America’s Cult of Ignorance

Nichols expertise tease

There is a cult of ignorance in the United States, and there always has been. The strain of anti-intellectualism has been a constant thread winding its way through our political and cultural life, nurtured by the false notion that democracy means that ‘my ignorance is just as good as your knowledge.’

—Isaac Asimov

Many Americans might scoff at this kind of ignorance, but they shouldn’t be too confident in their own abilities. In 2014, the Washington Post polled Americans about whether the United States should engage in military intervention in the wake of the 2014 Russian invasion of Ukraine. The United States and Russia are former Cold War adversaries, each armed with hundreds of long-range nuclear weapons. A military conflict in the center of Europe, right on the Russian border, carries a risk of igniting World War III, with potentially catastrophic consequences. And yet only one in six Americans—and fewer than one in four college graduates—could identify Ukraine on a map. Ukraine is the largest country entirely in Europe, but the median respondent was still off by about 1,800 miles.
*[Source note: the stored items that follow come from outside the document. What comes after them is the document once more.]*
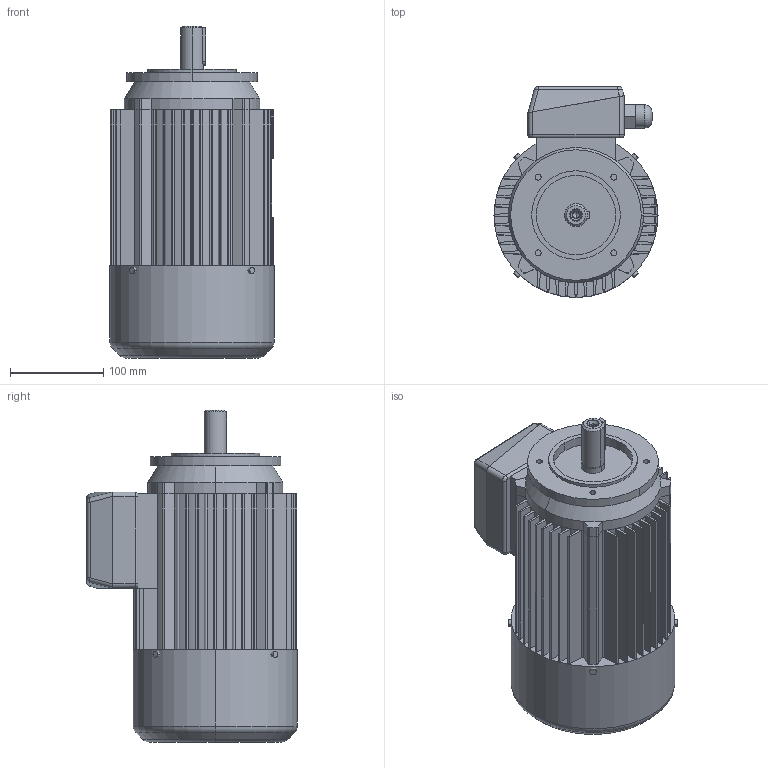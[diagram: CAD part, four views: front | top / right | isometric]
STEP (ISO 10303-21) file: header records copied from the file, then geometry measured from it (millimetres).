
FILE_DESCRIPTION (( 'STEP AP203' ), '1' );
FILE_NAME ('2SIEK90L4,6-B14-C2.STEP', '2013-01-07T12:50:04', ( 'INDUKTA' ), ( 'CANTONI MOTOR' ), 'SwSTEP 2.0', 'SolidWorks 2003064', '' );
FILE_SCHEMA (( 'CONFIG_CONTROL_DESIGN' ));
Length unit declared in the file: millimetre
Products named in the file (1): 2SIEK90L4,6-B14-C2
Bounding box: 176 x 226 x 356 mm (x, y, z)
Volume: 6743170.9 mm3; surface area: 497983.2 mm2
Topology: 11 solids, 11 shells, 376 faces, 983 edges, 632 vertices
Faces by surface type: cylinder 178, plane 170, cone 14, torus 10, sphere 4
Entity records: 11658 total; most frequent: DIRECTION 2114, CARTESIAN_POINT 2047, ORIENTED_EDGE 1954, EDGE_CURVE 977, AXIS2_PLACEMENT_3D 771, VERTEX_POINT 632, LINE 572, VECTOR 572
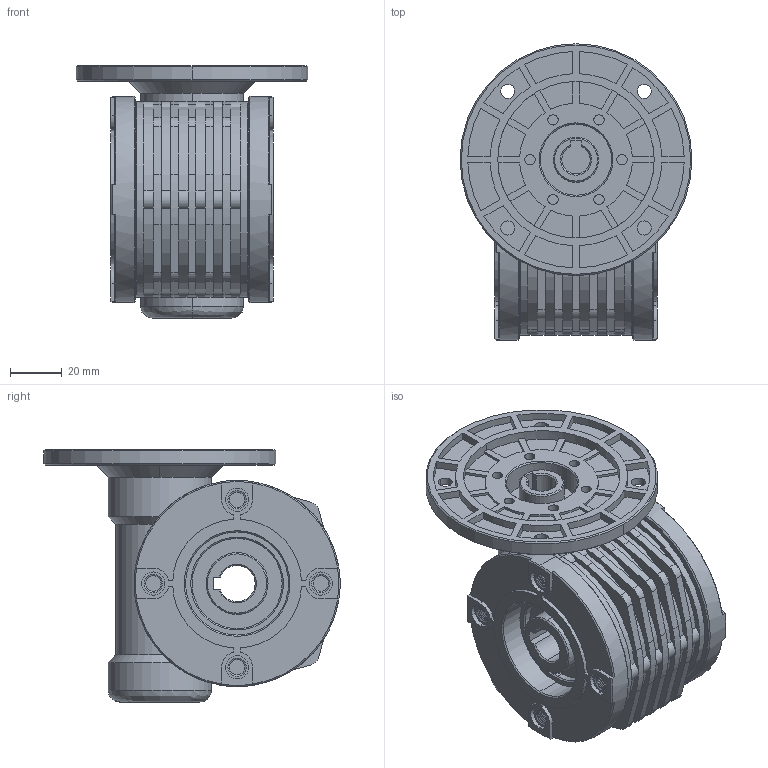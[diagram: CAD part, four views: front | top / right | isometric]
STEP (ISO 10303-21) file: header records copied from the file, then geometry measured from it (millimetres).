
FILE_DESCRIPTION (( 'STEP AP214' ), '1' );
FILE_NAME ('MVF30P 63B14.STEP', '2020-06-26T09:09:18', ( '' ), ( '' ), 'SwSTEP 2.0', 'SolidWorks 2016', '' );
FILE_SCHEMA (( 'AUTOMOTIVE_DESIGN' ));
Length unit declared in the file: millimetre
Products named in the file (1): MVF30P 63B14
Bounding box: 90 x 115 x 98.16 mm (x, y, z)
Volume: 364175.5 mm3; surface area: 86188.2 mm2
Topology: 14 solids, 14 shells, 1217 faces, 2944 edges, 1798 vertices
Faces by surface type: cylinder 399, plane 391, cone 362, bspline 65
Entity records: 49307 total; most frequent: CARTESIAN_POINT 6929, DIRECTION 6281, ORIENTED_EDGE 5888, EDGE_CURVE 2944, AXIS2_PLACEMENT_3D 2350, VERTEX_POINT 1798, VECTOR 1581, LINE 1581
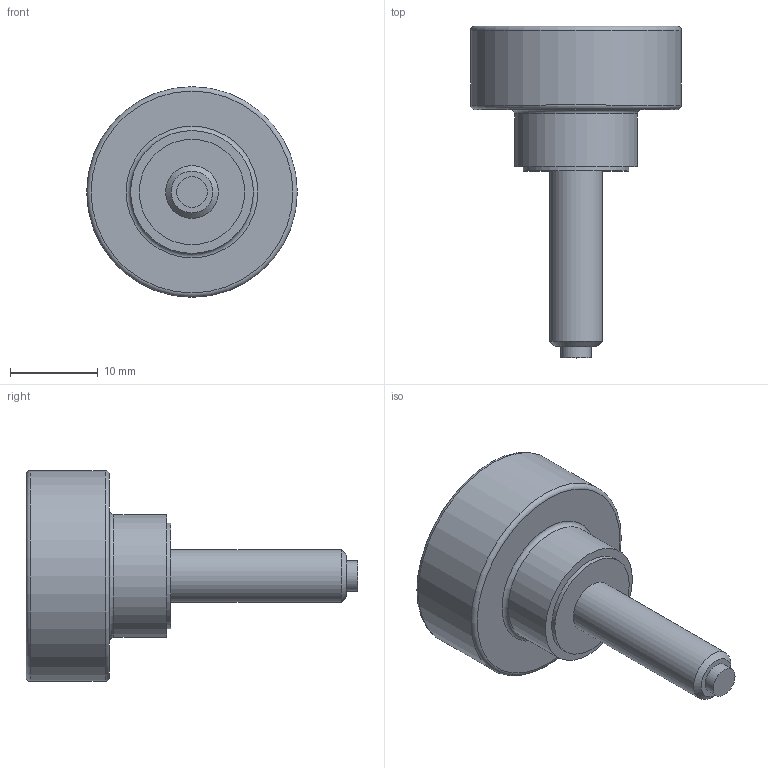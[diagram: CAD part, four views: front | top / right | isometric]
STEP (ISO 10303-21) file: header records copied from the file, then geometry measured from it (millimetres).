
FILE_DESCRIPTION( ( 'STEP AP203' ), '1' );
FILE_NAME( 'C:/Temp/Ganter_Step_05_03_2020/data/2_2/gn_421_10/Hollow knurled knob, with tip GN 421.10-M6-20-KU.stp', '2020-03-05T12:25:33', ( 'License CC BY-ND 4.0' ), ( 'CADENAS' ), ' ', 'PARTsolutions', ' ' );
FILE_SCHEMA( ( 'CONFIG_CONTROL_DESIGN' ) );
Length unit declared in the file: millimetre
Products named in the file (1): _Hollow knurled knob, with tip GN 421.10-M6-20-KU
Bounding box: 24 x 37.8 x 24 mm (x, y, z)
Volume: 4058.7 mm3; surface area: 2715.6 mm2
Topology: 1 solids, 1 shells, 19 faces, 30 edges, 19 vertices
Faces by surface type: plane 8, cylinder 7, torus 3, cone 1
Full cylindrical faces by diameter (mm): 3.5 x1, 6 x1, 10 x1, 12 x1, 14 x1, 20 x1, 24 x1
Entity records: 418 total; most frequent: DIRECTION 76, CARTESIAN_POINT 56, AXIS2_PLACEMENT_3D 38, EDGE_LOOP 36, ORIENTED_EDGE 36, FACE_OUTER_BOUND 29, ADVANCED_FACE 19, EDGE_CURVE 18
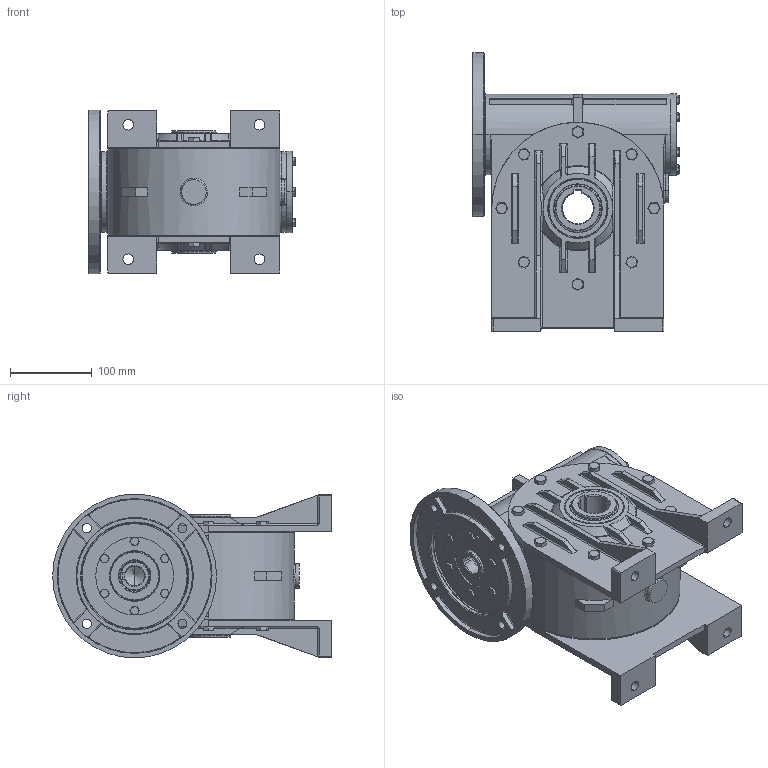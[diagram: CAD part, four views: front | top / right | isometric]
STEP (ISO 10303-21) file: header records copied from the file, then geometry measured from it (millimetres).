
FILE_DESCRIPTION (( 'STEP AP203' ), '1' );
FILE_NAME ('3F002315.STEP', '2012-07-24T05:45:55', ( 'Amministratore' ), ( 'SerteK sas' ), 'SwSTEP 2.0', 'SolidWorks 2009', '' );
FILE_SCHEMA (( 'CONFIG_CONTROL_DESIGN' ));
Length unit declared in the file: millimetre
Products named in the file (1): 3F002315
Bounding box: 251.5 x 340 x 200 mm (x, y, z)
Surface area: 759700.2 mm2 (no closed solid volume)
Topology: 0 solids, 48 shells, 2373 faces, 5785 edges, 3517 vertices
Faces by surface type: cylinder 747, plane 710, bspline 613, cone 303
Entity records: 100970 total; most frequent: CARTESIAN_POINT 48746, ORIENTED_EDGE 11312, DIRECTION 10408, EDGE_CURVE 5676, AXIS2_PLACEMENT_3D 4128, VERTEX_POINT 3517, EDGE_LOOP 2591, FACE_OUTER_BOUND 2373
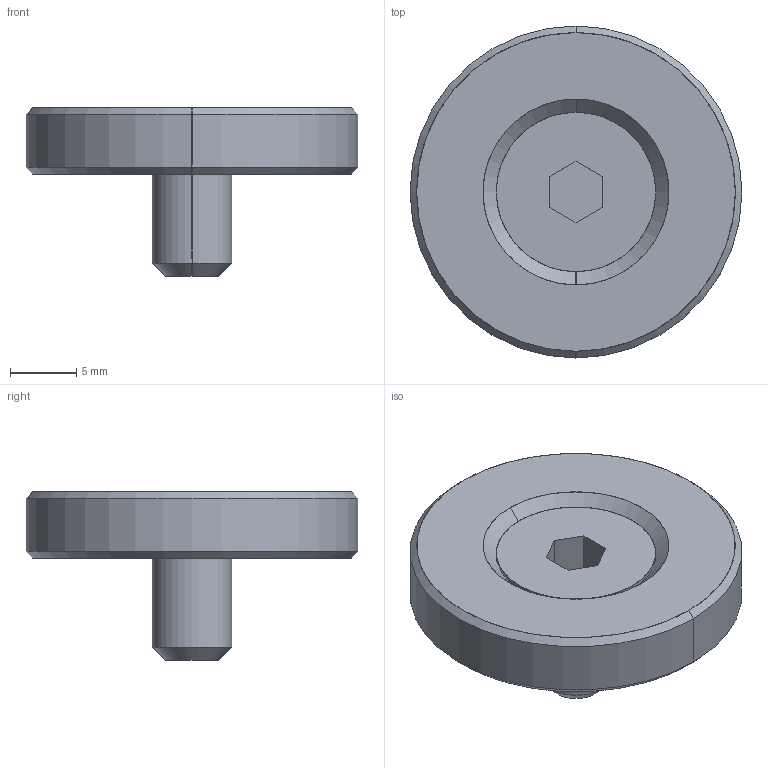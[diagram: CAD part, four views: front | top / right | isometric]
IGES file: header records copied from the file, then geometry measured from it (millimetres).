
Start section: SolidWorks IGES file using analytic representation for surfaces
Global section: file name: X:\11_SW2020-Inv2020\00_全2021-11新製品まで\b\BJ763-06001\bj763-06001.IGS; native system: SolidWorks 2020; preprocessor: SolidWorks 2020; author: ImaoCorp; date: 211025.091821; units: millimetre
Bounding box: 25 x 25 x 12.7 mm (x, y, z)
Surface area: 1572.7 mm2 (no closed solid volume)
Topology: 0 solids, 0 shells, 31 faces, 308 edges, 308 vertices
Faces by surface type: revolution 20, bspline 11

Map tests are easy to fail. Far more unsettling is that this lack of knowledge did not stop respondents from expressing fairly pointed views about the matter. Actually, this is an understatement: the public not only expressed strong views, but respondents actually showed enthusiasm for military intervention in Ukraine in direct proportion to their lack of knowledge about Ukraine. Put another way, people who thought Ukraine was located in Latin America or Australia were the most enthusiastic about the use of U.S. military force.

These are dangerous times. Never have so many people had so much access to so much knowledge and yet have been so resistant to learning anything. In the United States and other developed nations, otherwise intelligent people denigrate intellectual achievement and reject the advice of experts. Not only do increasing numbers of lay people lack basic knowledge, they reject fundamental rules of evidence and refuse to learn how to make a logical argument. In doing so, they risk throwing away centuries of accumulated knowledge and undermining the practices and habits that allow us to develop new knowledge.

This is more than a natural skepticism toward experts. I fear we are witnessing the death of the ideal of expertise itself, a Google-fueled, Wikipedia-based, blog-sodden collapse of any division between professionals and laypeople, students and teachers, knowers and wonderers—in other words, between those of any achievement in an area and those with none at all.

Attacks on established knowledge and the subsequent rash of poor information in the general public are sometimes amusing. Sometimes they’re even hilarious. Late-night comedians have made a cottage industry of asking people questions that reveal their ignorance about their own strongly held ideas, their attachment to fads, and their unwillingness to admit their own cluelessness about current events. It’s mostly harmless when people emphatically say, for example, that they’re avoiding gluten and then have to admit that they have no idea what gluten is. And let’s face it: watching people confidently improvise opinions about ludicrous scenarios like whether “Margaret Thatcher’s absence at Coachella is beneficial in terms of North Korea’s decision to launch a nuclear weapon” never gets old.